WESE: Weak Exploration to Strong Exploitation for LLM Agents

Xu Huang,Weiwen Liu,Xiaolong Chen,Xingmei Wang,Defu Lian,Yasheng Wang,Ruiming Tang,Enhong Chen
2024-04-11
Abstract:Recently, large language models (LLMs) have demonstrated remarkable potential as an intelligent agent. However, existing researches mainly focus on enhancing the agent's reasoning or decision-making abilities through well-designed prompt engineering or task-specific fine-tuning, ignoring the procedure of exploration and exploitation. When addressing complex tasks within open-world interactive environments, these methods exhibit limitations. Firstly, the lack of global information of environments leads to greedy decisions, resulting in sub-optimal solutions. On the other hand, irrelevant information acquired from the environment not only adversely introduces noise, but also incurs additional cost.

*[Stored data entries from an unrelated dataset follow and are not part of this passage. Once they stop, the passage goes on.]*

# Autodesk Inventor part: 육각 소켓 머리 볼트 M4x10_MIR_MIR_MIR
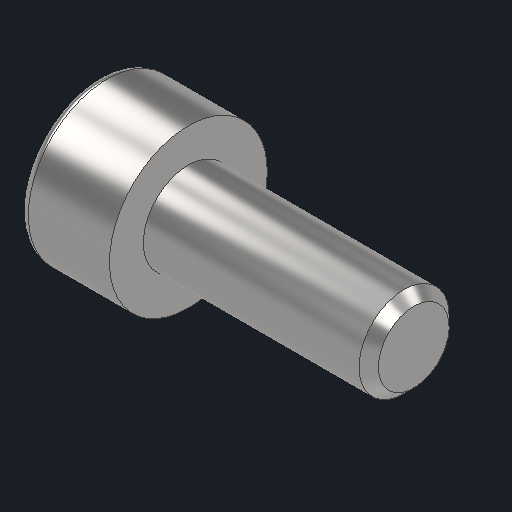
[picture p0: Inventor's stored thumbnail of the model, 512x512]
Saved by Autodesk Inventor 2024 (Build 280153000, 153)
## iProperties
Created: 2024-05
Part Number: 육각 소켓 머리 볼트 M4x10_MIR_MIR_MIR
Material: 강철, 연강
Description: 6각머리 태핑 나사
Document SubType Name: Modeling
Designer: kh_501
Density: 7.85 g/cm^3
Appearance: 기본값
Author: jhkim
Sending System: Autodesk Inventor 2025
Preprocessor: ST-DEVELOPER v20
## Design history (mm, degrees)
derived "육각 소켓 머리 볼트 M4x10_MIR_MIR.ipt"
feature "솔리드1::육각 소켓 머리 볼트 M4x10_MIR_MIR.ipt" dims "d0" = 10
tag "피쳐 태그1"
node "솔리드1"
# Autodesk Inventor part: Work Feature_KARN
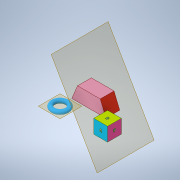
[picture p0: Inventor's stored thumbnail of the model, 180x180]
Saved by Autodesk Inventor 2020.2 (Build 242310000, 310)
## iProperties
Created: 2018-06
Part Number: Work Feature_KARN
Material: Generic
Document SubType Name: Modeling
Designer: Power User
Density: 1 g/cm^3
Appearance: Light Red
Author: Power User
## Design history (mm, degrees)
sketch "Sketch1"
  geometry: L1 (0, 0)-(50, 0); L2 (50, 0)-(50, -50); L3 (50, -50)-(0, -50); L4 (0, -50)-(0, 0); 1 further point
  constraints: 8 end point, 2 parallel, 1 coincident, 1 horizontal, 1 perpendicular
  dimensions: "d0" = 50 distance of L1.end L2.end; "d1" = 50 distance of L2.end L3.end; "d53" = 0 distance from line of point (0, 0) L4
extrude "Extrusion1" new body sketch "Sketch1" distance "d2" = 50; taper "d3" = 0 deg
workplane "Work Plane1"
sketch "Sketch2"
  geometry: L1 (0, 50)-(50, 50) reference; L2 (50, 0)-(50, 50) reference; C1 r 20 at (-30, 25); 3 further points
  constraints: 2 midpoint, 1 centre point, 1 horizontal alignment
  dimensions: "d5" = 40 diameter of C1; "d54" = 30 horizontal distance of C1.centre point (0, 0)
extrude "Extrusion2" new body sketch "Sketch2" distance "d6" = 50; taper "d7" = 0 deg
sketch "Sketch3"
  geometry: L1 (-172.16, 49.98)-(-172.16, 11.482); C1 r 7.5 at (-197.16, 26.587); 1 further point
  constraints: 2 end point, 1 centre point, 1 vertical
  dimensions: "d8" = 15 diameter of C1; "d9" = 50 diameter of C1.centre L1
revolve "Revolution1" sketch "Sketch3" stored, may be unused: angle "d10" = 90 deg
workplane "Work Plane2"
sketch "Sketch4"
  geometry: L1 (-98.807, 58.325)-(-98.807, 8.325); A1 r 25 centre (-98.807, 33.325) between (-98.807, 58.325) and (-98.807, 8.325); 1 further point
  constraints: 2 end point, 2 point on circle, 1 centre point, 1 vertical
  dimensions: "d12" = 50 diameter of A1
revolve "Revolution2" sketch "Sketch4" stored, may be unused: angle "d13" = 90 deg
workplane "Work Plane3"
sketch "Sketch5"
  geometry: L1 (-192.037, 9.98)-(-171.326, 59.98); L2 (-171.326, 59.98)-(-89.041, 59.98); L3 (-89.041, 59.98)-(-68.33, 9.98); L4 (-68.33, 9.98)-(-192.037, 9.98); L5 (-130.184, 59.98)-(-130.184, 9.98); 1 further point
  constraints: 10 end point, 2 midpoint, 1 horizontal, 1 parallel, 1 perpendicular, 1 other
  dimensions: "d15" = 50 distance between parallel lines of L4 L2; "d16" = 45 deg angle of L3 L1
extrude "Extrusion3" new body sketch "Sketch5" stored distance "d17" = 50; taper "d18" = 0 deg
sketch "Sketch6"
  geometry: L1 (15, 35)-(35, 35); L2 (35, 35)-(35, 15); L3 (35, 15)-(15, 15); L4 (15, 15)-(15, 35); L5 (0, 50)-(50, 50) reference; L6 (0, 0)-(0, 50) reference; 5 further points
  constraints: 4 midpoint, 1 horizontal alignment, 1 vertical alignment, 2 other
  dimensions: "d19" = 20 distance of L1.start L1.end; "d20" = 20 distance of L1.end L2.end
emboss "Emboss1" sketch "Sketch6" dims "d0" = 50, "d1" = 50, "d21" = 0.2, "d22" = 0, "d53" = 0
sketch "Sketch7"
  geometry: L1 (-35, 35)-(-15, 35); L2 (-15, 35)-(-15, 15); L3 (-15, 15)-(-35, 15); L4 (-35, 15)-(-35, 35); L5 (0, 50)-(-50, 50) reference; L6 (-50, 50)-(-50, 0) reference; 5 further points
  constraints: 4 midpoint, 1 horizontal alignment, 1 vertical alignment, 2 other
  dimensions: "d23" = 20 distance of L1.start L1.end; "d24" = 20 distance of L3.end L1.start
emboss "Emboss2" sketch "Sketch7" dims "d0" = 50, "d1" = 50, "d25" = 0.2, "d26" = 0, "d53" = 0
sketch "Sketch8"
  geometry: L1 (15, 35)-(35, 35); L2 (35, 35)-(35, 15); L3 (35, 15)-(15, 15); L4 (15, 15)-(15, 35); L5 (0, 0)-(0, 50) reference; L6 (0, 50)-(50, 50) reference; 4 further points
  constraints: 4 midpoint, 1 horizontal alignment, 1 vertical alignment, 2 other
  dimensions: "d27" = 20 distance of L1.start L1.end; "d28" = 20 distance of L3.end L1.start
emboss "Emboss3" sketch "Sketch8" dims "d0" = 50, "d1" = 50, "d29" = 0.2, "d30" = 0, "d53" = 0
sketch "Sketch9"
  geometry: L1 (-11.219, -35.018)-(-35.694, -35.018); L2 (-35.694, -35.018)-(-35.694, -14.982); L3 (-35.694, -14.982)-(-11.219, -14.982); L4 (-11.219, -14.982)-(-11.219, -35.018); L5 (0, -50)-(0, 0) reference; 4 further points
  constraints: 3 midpoint, 1 horizontal alignment, 1 vertical alignment, 2 other
emboss "Emboss4" sketch "Sketch9" dims "d0" = 50, "d1" = 50, "d31" = 0.2, "d32" = 0, "d53" = 0
sketch "Sketch10"
  geometry: L1 (15, 35)-(35, 35); L2 (35, 35)-(35, 15); L3 (35, 15)-(15, 15); L4 (15, 15)-(15, 35); L5 (0, 50)-(50, 50) reference; L6 (0, 0)-(0, 50) reference; 5 further points
  constraints: 4 midpoint, 1 horizontal alignment, 1 vertical alignment, 2 other
  dimensions: "d33" = 20 distance of L1.start L1.end; "d34" = 20 distance of L3.end L1.start
emboss "Emboss5" sketch "Sketch10" dims "d0" = 50, "d1" = 50, "d35" = 0.2, "d36" = 0, "d53" = 0
sketch "Sketch11"
  geometry: L1 (15, 35)-(35, 35); L2 (35, 35)-(35, 15); L3 (35, 15)-(15, 15); L4 (15, 15)-(15, 35); L5 (0, 0)-(0, 50) reference; L6 (0, 50)-(50, 50) reference; 4 further points
  constraints: 4 midpoint, 1 horizontal alignment, 1 vertical alignment, 2 other
  dimensions: "d37" = 20 distance of L1.start L1.end; "d38" = 20 distance of L1.end L2.end
emboss "Emboss6" sketch "Sketch11" dims "d0" = 50, "d1" = 50, "d39" = 0.2, "d40" = 0, "d53" = 0
sketch "Sketch12"
  geometry: L1 (118.439, 97.246)-(43.439, 97.246); L2 (43.439, 97.246)-(43.439, 172.246); L3 (43.439, 172.246)-(58.439, 172.246); L4 (58.439, 172.246)-(58.439, 112.246); L5 (58.439, 112.246)-(118.439, 112.246); L6 (118.439, 112.246)-(118.439, 97.246); 1 further point
  constraints: 12 end point, 4 perpendicular, 1 horizontal, 1 vertical
  dimensions: "d41" = 75 distance of L1.start L1.end; "d42" = 75 distance of L1.end L2.end (= d41); "d43" = 15 distance of L5.end L1.start; "d44" = 15 distance of L2.end L3.end (= d43)
extrude "Extrusion4" new body sketch "Sketch12" stored distance "d45" = 100; taper "d46" = 0 deg
sketch "Sketch13"
  geometry: L1 (97.246, 118.439)-(97.246, 43.439) reference; L2 (97.246, 43.439)-(172.246, 43.439) reference; L3 (172.246, 43.439)-(97.246, 43.439) reference; L4 (172.246, 118.439)-(97.246, 118.439); L5 (97.246, 118.439)-(97.246, 43.439); L6 (97.246, 43.439)-(172.246, 43.439); L7 (172.246, 43.439)-(172.246, 118.439); L8 (172.246, 118.439)-(97.246, 43.439); L9 (97.246, 118.439)-(172.246, 43.439); 2 further points
  constraints: 12 end point, 2 equal length, 2 midpoint, 2 parallel, 1 horizontal, 1 perpendicular
extrude "Extrusion5" join sketch "Sketch13" distance "d47" = 15; taper "d48" = 0 deg
feature "Move Body1"
workplane "Work Plane4"
workplane "Work Plane5"
workplane "Work Plane6"
workplane "Work Plane7"
workplane "Work Plane8"
workplane "Work Plane9"
workplane "Work Plane10"
node "Cube"
node "Cylinder"
node "Ring"
node "Sphere"
node "Trapezoid"
node "Solid"
other parameters: "d14" = -87.5, "d57" = -30 deg

This paper proposes a novel approach, Weak Exploration to Strong Exploitation (WESE), to enhance LLM agents in solving open-world interactive tasks. Concretely, WESE involves decoupling the exploration and exploitation process, employing a cost-effective weak agent to perform exploration tasks for global knowledge. A knowledge graph-based strategy is then introduced to store the acquired knowledge and extract task-relevant knowledge, enhancing the stronger agent in success rate and efficiency for the exploitation task. Our approach is flexible enough to incorporate diverse tasks, and obtains significant improvements in both success rates and efficiency across four interactive benchmarks.
Artificial Intelligence,Multiagent Systems
What problem does this paper attempt to address?
The paper aims to address two main issues faced by large language models (LLMs) as intelligent agents in open-world interaction tasks: 1. **Lack of global information leading to suboptimal decisions**: Due to the initial lack of overall understanding of the environment, LLMs may make suboptimal or non-optimal decisions, such as getting stuck in loops or taking inefficient paths when searching for specific items. 2. **A large amount of irrelevant information in the acquired data**: The information collected during exploration often contains many details that are not directly related to the current task. This irrelevant information not only interferes with the decision-making process of the LLM but also adds extra costs. To address the above challenges, the paper proposes a new method called "Weak Exploration to Strong Exploitation (WESE)." The core ideas of this method include: - **Decoupling exploration and exploitation**: By separating the exploration and exploitation processes, two different LLM agents are used to perform exploration and exploitation tasks respectively. The goal of the exploration phase is to interact with the environment to obtain information that helps solve the problem, while the exploitation phase involves reasoning and decision-making based on the acquired knowledge. - **Knowledge graph compression and retrieval strategy**: Information obtained during exploration is stored and organized in the form of a knowledge graph. A one-hop retrieval method is used to extract task-relevant information from the graph, thereby reducing the impact of irrelevant information. - **Cost-effective weak exploration**: It is observed that weaker LLMs (such as models with fewer parameters) are sufficient to complete exploration tasks. Therefore, the paper proposes using cost-effective weak LLMs for exploration and then leveraging the knowledge they acquire to enhance the performance of stronger LLMs during the exploitation phase. Experimental results show that the WESE method achieves significant improvements in success rate, efficiency, and cost across four open-world interaction benchmarks, particularly excelling in balancing effectiveness, efficiency, and cost.